Planned Comparisons in Factorial ANOVA

Planned Comparisons Following Factorial ANOVA

Following up a main effect in a factorial ANOVA is similar to following up a one-way ANOVA.
If the independent variable has only two levels, a planned comparison is unnecessary.
- With only two levels, significance indicates one level differs from the other. Examining the means reveals the direction of the effect.
Main effect comparisons can be pairwise or complex.

Compute S_c (the difference between two means).
Calculate the sums of squares for the comparison: SS{comparison} = \frac{Sc^2 * n}{2}, where n is the number of people sampled that comprise the means being compared.
The sums of squares for a pairwise comparison equals its mean squares because it's a single degree of freedom comparison.
Calculate the F ratio: F = \frac{MS{comparison}}{MS{error}}. MS{error} is the error term from the omnibus test, sometimes labeled as Ms or M/S_{error}.
If the calculated F exceeds the critical F, the difference between the pair is statistically significant.

Define coefficients to compare clusters of means.
Compute S_c using coefficients and means included in the analysis.
Use S_c to compute the sums of squares for the comparison, incorporating the number of people associated with each mean.
Even with combinations of means, this remains a single degree of freedom comparison, so the sums of squares equals the mean squares.

Analyzing interactions is more complex than main effects; a clear plan is essential.
The goal is to fully explain the interaction in an interpretable manner.
Planned comparisons should be determined in advance, but adjustments may be needed based on the data.

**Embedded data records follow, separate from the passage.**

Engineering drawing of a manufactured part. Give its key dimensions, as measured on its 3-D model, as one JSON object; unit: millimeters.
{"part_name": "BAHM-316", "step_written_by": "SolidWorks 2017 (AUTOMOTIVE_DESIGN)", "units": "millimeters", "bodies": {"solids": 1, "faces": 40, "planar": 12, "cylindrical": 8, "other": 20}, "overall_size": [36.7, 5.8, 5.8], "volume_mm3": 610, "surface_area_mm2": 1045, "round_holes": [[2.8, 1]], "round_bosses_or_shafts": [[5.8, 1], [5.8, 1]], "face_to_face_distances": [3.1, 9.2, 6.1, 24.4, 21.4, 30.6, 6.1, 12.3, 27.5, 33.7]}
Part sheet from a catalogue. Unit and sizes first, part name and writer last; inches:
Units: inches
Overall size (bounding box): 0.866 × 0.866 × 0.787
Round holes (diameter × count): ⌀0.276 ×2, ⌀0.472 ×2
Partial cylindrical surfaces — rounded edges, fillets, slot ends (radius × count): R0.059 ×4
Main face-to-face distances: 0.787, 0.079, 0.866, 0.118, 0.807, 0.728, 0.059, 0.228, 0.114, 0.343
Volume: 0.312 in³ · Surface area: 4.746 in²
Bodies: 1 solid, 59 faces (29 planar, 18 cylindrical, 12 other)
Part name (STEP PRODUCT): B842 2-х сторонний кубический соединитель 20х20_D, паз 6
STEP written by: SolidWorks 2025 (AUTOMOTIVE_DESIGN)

If the plan is altered, it's important to adjust for running multiple comparisons.

A simple effect is the effect of one variable at a specific level of another variable.
- Example: The effectiveness of a taste manipulation (bitter vs. sweet water) specifically for conservatives.
Approach: Conduct a one-way ANOVA within one level of the factorial design.
Compute sums of squares for the simple effect comparison using the formula for between-groups ANOVA sums of squares: SS{simple \, effect} = \sum ni * (Mi - M{grand})^2, where ni is the sample size for each condition, Mi is the condition mean, and M_{grand} is the grand mean.
Compute mean squares. Unlike pairwise comparisons, degrees of freedom can be greater than one, so SS may not equal MS.
- Example: Comparing three taste conditions (sweet, sour, bitter) within conservatives would have 3 - 1 = 2 degrees of freedom.
Calculate the F ratio: F = \frac{MS{A{comp \, at \, level \, J}}}{MS{error}}, where A is one of the variables and J is a specific level of that variable, and MS{error} is the omnibus error term.

Pairwise comparisons within a subset of conditions in the design.
Compute S_c (simple difference between means).
Calculate sums of squares for the comparison using S_c. Since it's a single degree of freedom comparison, MS = SS.
Calculate the F ratio: F = \frac{MS{comparison}}{MS{error}}.

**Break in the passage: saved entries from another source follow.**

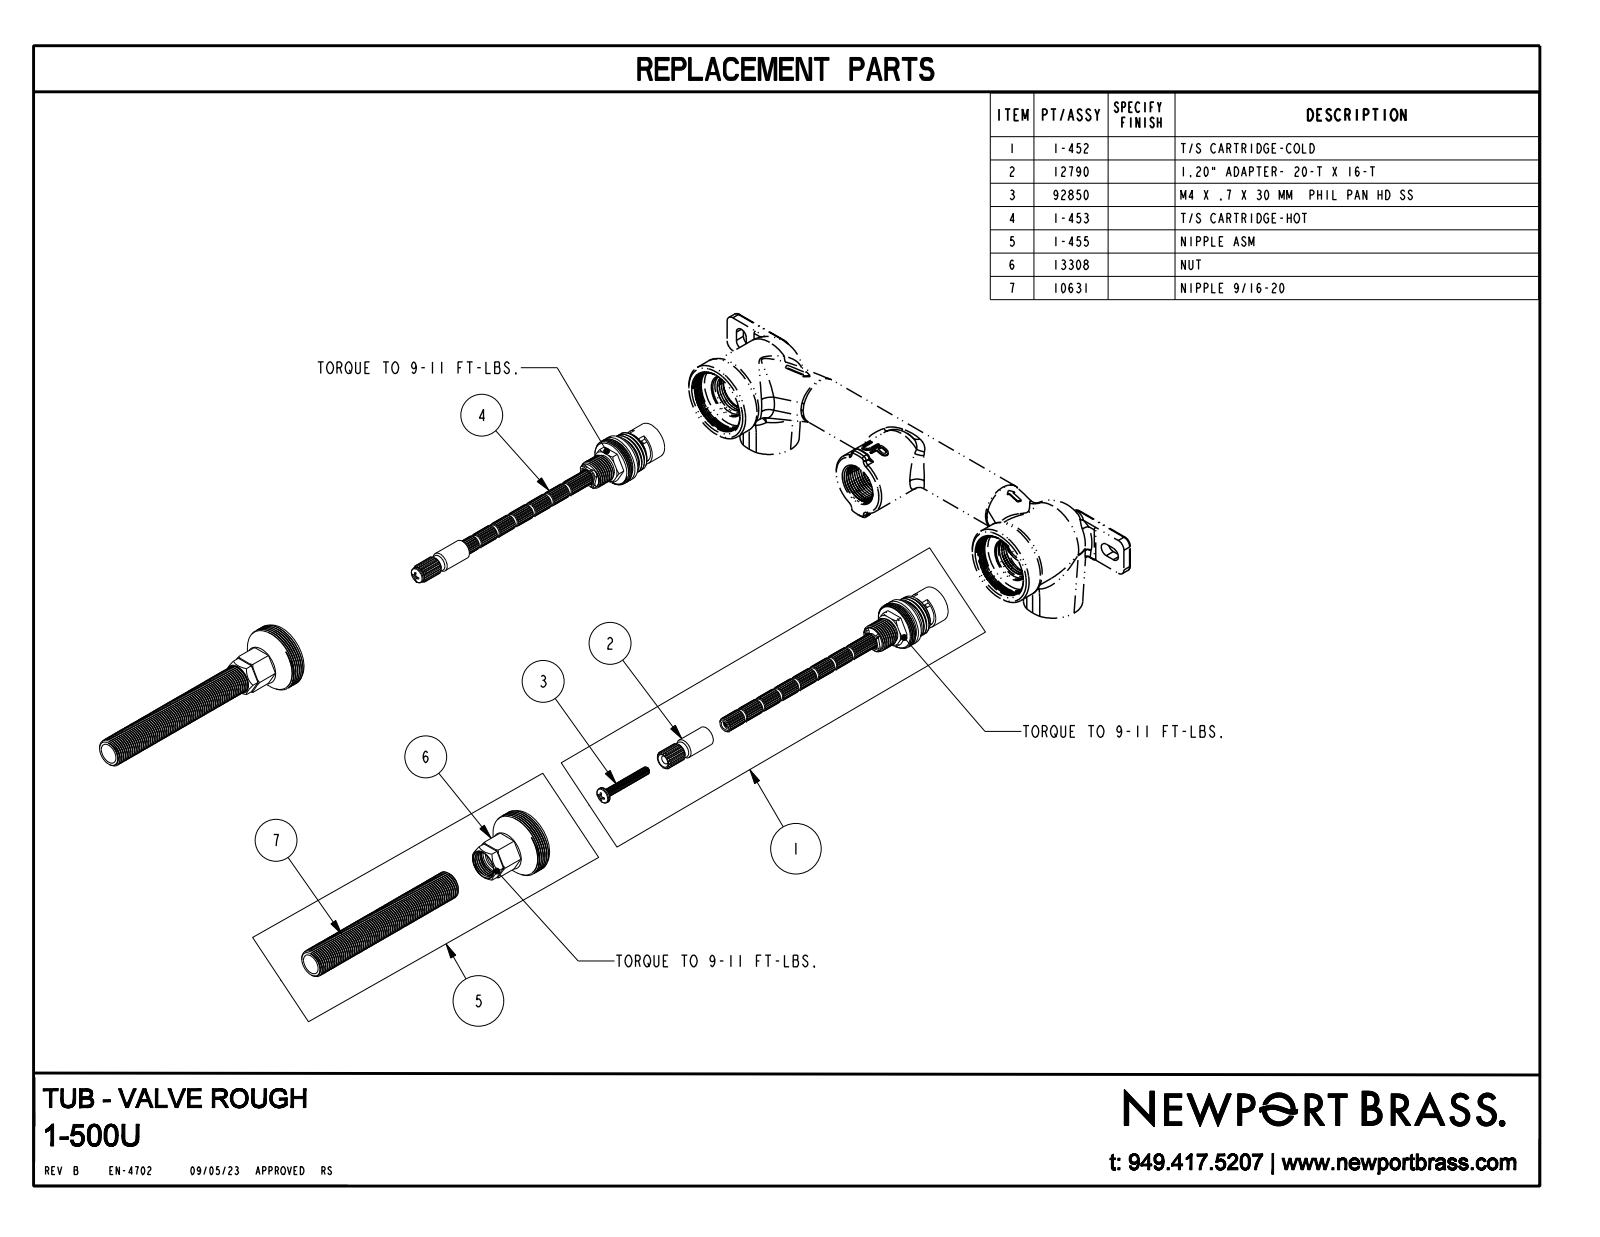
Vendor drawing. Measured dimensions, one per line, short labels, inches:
name: 1-500U
written by: CREO PARAMETRIC BY PTC INC, 2018400 (AUTOMOTIVE_DESIGN)
unit: in
bodies: 4 solids, 6265 faces (5474 planar, 501 cylindrical, 290 other)
size: 11.024 × 9.4 × 2.82
volume: 26.83 in³; area: 114.7 in²
holes: 2× ⌀0.172, 2× ⌀0.33, 1× ⌀1
bosses: 2× ⌀1.575, 2× ⌀1.417, 2× ⌀0.84, 2× ⌀0.563, 2× ⌀0.391, 2× ⌀0.325, 2× ⌀0.315, 2× ⌀0.157
rounds: 8× R0.039, 8× R0.079, 6× R0.079, 6× R0.157, 2× R0.039, 2× R0.046, 2× R0.05, 2× R0.137
face distances: 2.087, 9.503, 0.197, 1.89, 1.574, 1.575, 1.579, 1.57, 6.087, 5.89
hole spacings: 7.874
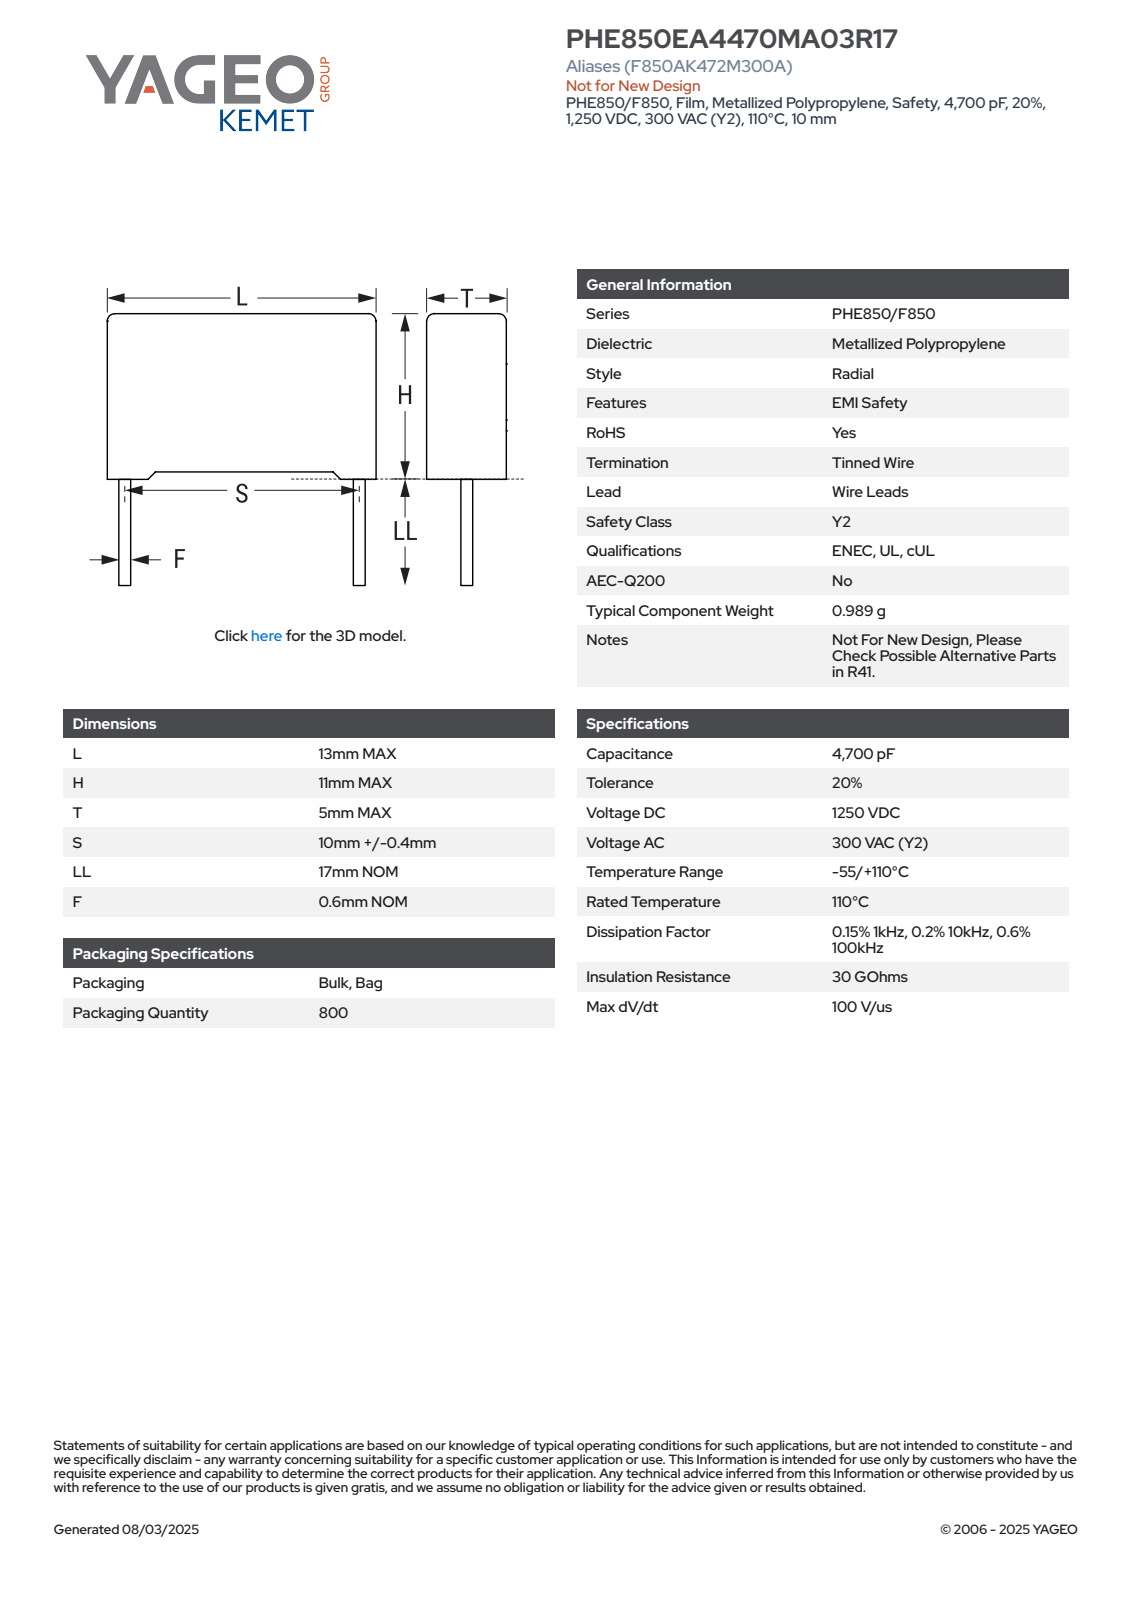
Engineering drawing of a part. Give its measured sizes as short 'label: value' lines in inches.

Planned comparisons within a level of the research design where groups of means are compared.
Compute S_c using contrast weights to define which groups to compare.
Calculate the sums of squares, incorporating sample size and contrast weights.
This will be a single degree of freedom comparison.
The F ratio is calculated as: F = \frac{MS{comparison}}{MS{error}}.

Report a measure of effect size, typically eta squared (\eta^2) for between-subjects designs.
\eta^2 = \frac{SS{effect}}{SS{total}}, where SS{effect} is the sums of squares for the specific effect (pairwise, complex, or simple), and SS{total} is the corrected total sums of squares from the SPSS output (excluding the intercept term sums of squares).